Parental Alienation Syndrome in Child Custody Cases

One concern many parents have is that the other parent is alienating their child from them, or that the child is suffering from Parental Alienation Syndrome (“PAS”).  Before going to far with this topic, understand that this is an extreme situation and does not apply to every case.  Many times a parent will vilify the other parent or a child will act out.  Those situations can still be acted upon and have an effect in a case without it being PAS.

If you know me, you know I try to always start with a definition –

Parental Alienation Syndrome:

The parental alienation syndrome (PAS) is a childhood disorder that arises almost exclusively in the context of child-custody disputes.  Its primary manifestation is the child’s campaign of denigration against a parent, a campaign that has no justification.  It results from the combination of a programming parent’s indoctrinations and the child’s own contributions to the vilification of the target parent.  

 See, The Parental Alienation Syndrome (Second Edition), by Dr. Richard A. Gardner, 1998, Creative Therapeutics, Inc., at xx.

This means PAS consists of two parts, (1) the child bad-mouthing the target parent without justification and (2) the alienating parent trying to program the child that the target parent is bad without justification.

Symptoms of PAS:

In addition to the above, PAS is defined by a number of symptoms evidenced by the child.  Those symptoms are:

  1. A campaign of denigration
  2. Weak, absurd, or frivolous rationalizations for the deprecation
  3. Lack of ambivalence
  4. The “independent-thinker” phenomenon
  5. Reflexive support of the alienating parent in the parental conflict
  6. Absence of guilt over cruelty to and/or exploitation of the alienated parent
  7. The presence of borrowed scenarios
  8. Spread of the animosity to the friends and/or extended family of the alienated parent

 See, The Parental Alienation Syndrome (Second Edition), by Dr.
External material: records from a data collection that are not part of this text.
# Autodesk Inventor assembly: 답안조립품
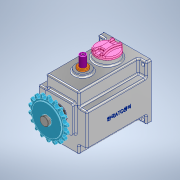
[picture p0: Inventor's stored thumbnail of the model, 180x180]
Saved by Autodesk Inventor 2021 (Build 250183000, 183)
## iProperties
Created: 2022-08
Part Number: 답안조립품
Document SubType Name: Assembly
Designer: Owner
Author: Owner
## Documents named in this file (16)
- C:\Users\Owner\Desktop\720810V1002\답안조립품.iam
- C:\Users\Owner\Desktop\720810V1002\본체.ipt
- C:\Users\Owner\Desktop\720810V1002\멈춤나사 M3.ipt
- C:\Users\Owner\Desktop\720810V1002\메인 축.ipt
- C:\Users\Owner\Desktop\720810V1002\베어링 608.ipt
- C:\Users\Owner\Desktop\720810V1002\베어링 6003.ipt
- C:\Users\Owner\Desktop\720810V1002\볼트 M4 x 10.ipt
- C:\Users\Owner\Desktop\720810V1002\부시.ipt
- C:\Users\Owner\Desktop\720810V1002\상부 캡.ipt
- C:\Users\Owner\Desktop\720810V1002\서브 축.ipt
- C:\Users\Owner\Desktop\720810V1002\스프로킷.ipt
- C:\Users\Owner\Desktop\720810V1002\슬라이더.ipt
- C:\Users\Owner\Desktop\720810V1002\오일 실 8 x 22 x 7.ipt
- C:\Users\Owner\Desktop\720810V1002\오일 실 17 x 32 x 8.ipt
- C:\Users\Owner\Desktop\720810V1002\커버.ipt
- C:\Users\Owner\Desktop\720810V1002\키 5 x 5.ipt
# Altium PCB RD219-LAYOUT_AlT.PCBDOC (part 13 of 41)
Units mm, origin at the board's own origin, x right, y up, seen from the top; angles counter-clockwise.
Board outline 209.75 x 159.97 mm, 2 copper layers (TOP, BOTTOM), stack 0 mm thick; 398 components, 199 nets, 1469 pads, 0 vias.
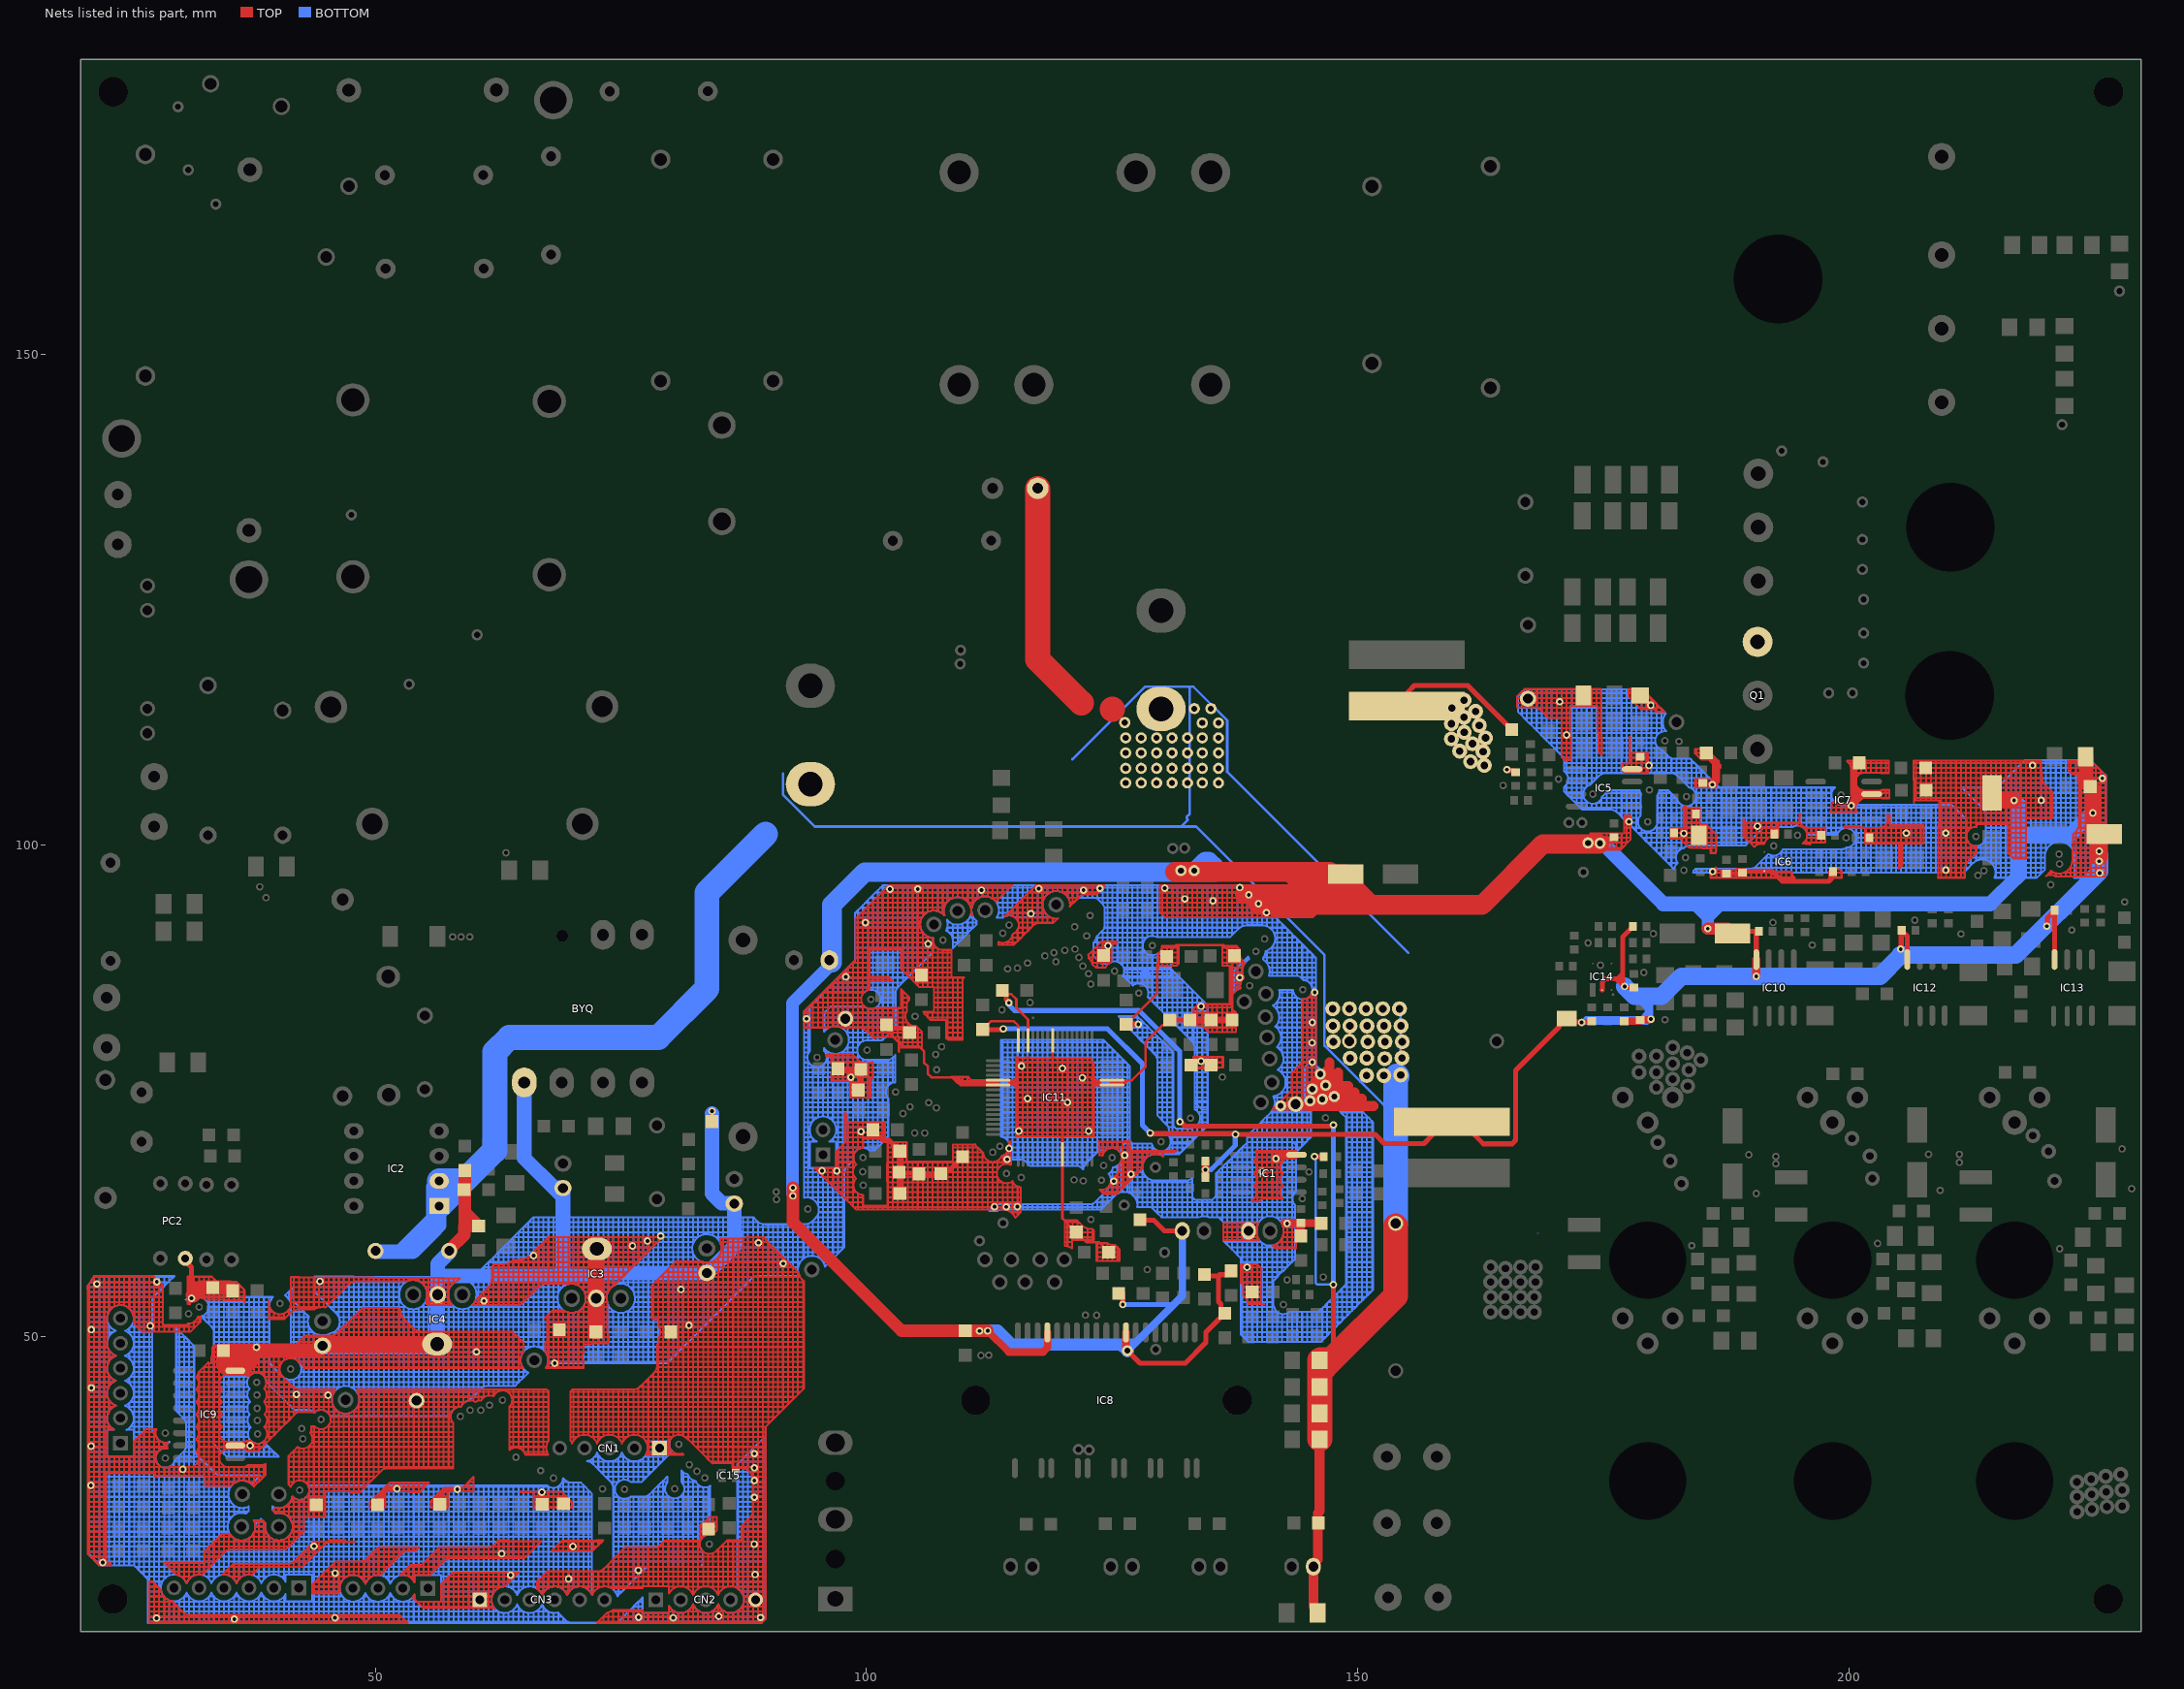
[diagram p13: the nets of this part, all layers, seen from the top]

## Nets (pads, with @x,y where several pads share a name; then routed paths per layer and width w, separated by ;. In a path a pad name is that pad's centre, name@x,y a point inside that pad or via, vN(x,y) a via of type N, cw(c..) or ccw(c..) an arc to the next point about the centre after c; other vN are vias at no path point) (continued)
GND: (continued)
  TOP w0.203: 102.677,80.96 103.185,80.96 ; 102.677,80.96 102.677,81.397 C98.2@102.677,81.468 ; C98.2@102.677,81.468 103.185,81.468 ; C98.2@102.677,81.468 C98.2@102.677,81.976 ; C98.2@102.677,81.976 102.677,82.484 ; C98.2@102.677,81.976 103.185,81.976 ; 102.677,82.484 102.677,82.992 ; 102.677,82.484 103.185,82.484 ; 102.677,82.992 103.185,82.992 ; 102.677,82.992 102.677,83.441 ; 102.677,83.441 103.185,83.441 ; 102.677,89.401 102.677,89.596 ; 102.677,89.401 103.185,89.401 ; 102.677,89.596 102.677,90.104 ; 102.677,89.596 103.185,89.596 ; 102.677,90.104 102.677,90.612 ; 102.677,90.104 103.185,90.104 ; 102.677,90.612 102.677,91.12 ; 102.677,90.612 103.185,90.612 ; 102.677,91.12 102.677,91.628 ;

Richard A. Gardner, 1998, Creative Therapeutics, Inc., at xxv.

A couple of those symptoms are explained more fully below:

The first symptom, a campaign on denigration, is simply the child continuously discussing their hatred of the target parent or the imagined faults of the target parent, with weak or absurd reasons (second symptom) and lack of guild (sixth symptom).

Lack of ambivalence is the idea that one parent is all good while the other parent is all bad.

Independent thinker phenomenon is when the child refers to the alienating parent’s expressions or ideas as their own.  An example would be repeated what a parent said about the other, “Daddy doesn’t care about us,” and claiming it as their own.

Presence of borrowed scenarios is when a child incorporates speeches of a parent as reasons for hating a parent.  Typically this are obvious as the statements would never come from a child’s mouth, either because they do not understand the words or would not understand the context/situation.

Problems with PAS:

First, PAS is commonly seen as ‘junk science.’  This diagnosis is still in the early stages of development and it has yet to be seen if PAS will become accepted by the scientific community.  What this means in the legal world is that attorneys are going to have a difficult time getting testimony and opinion about PAS specifically into  evidence.  I say specifically because while courts will address the actions of parents and the situations described as symptoms above, the court may not want to put it in the context of PAS.

Second, many times there is some justification, no matter how limited, for a child’s behavior.  The child may not want to go to a parent’s house because there was a bad experience in the past, or they will have to miss out on an activity they would otherwise enjoy.

Third, a parent may claim PAS only to flip the focus of the case from them to the other parent.  Courts are aware of this behavior, view PAS with scrutiny and often will re-focus on the parent alleging PAS if the court believes the claim unfounded.


Alleging PAS, while certainly an option, should only be done with extreme caution.  All of the underlying actions a parent takes that make up the allegation can be addressed without alleging PAS.  Many courts view PAS with skepticism and the alleging party may lose some credibility before even stepping into the courtroom.  With that in mind, and the relative newness of this diagnosis, parties should be cautious in trying to assert it in a child custody matter.  Keep in mind that there are many roads to the same destination or goal, and some are better than others.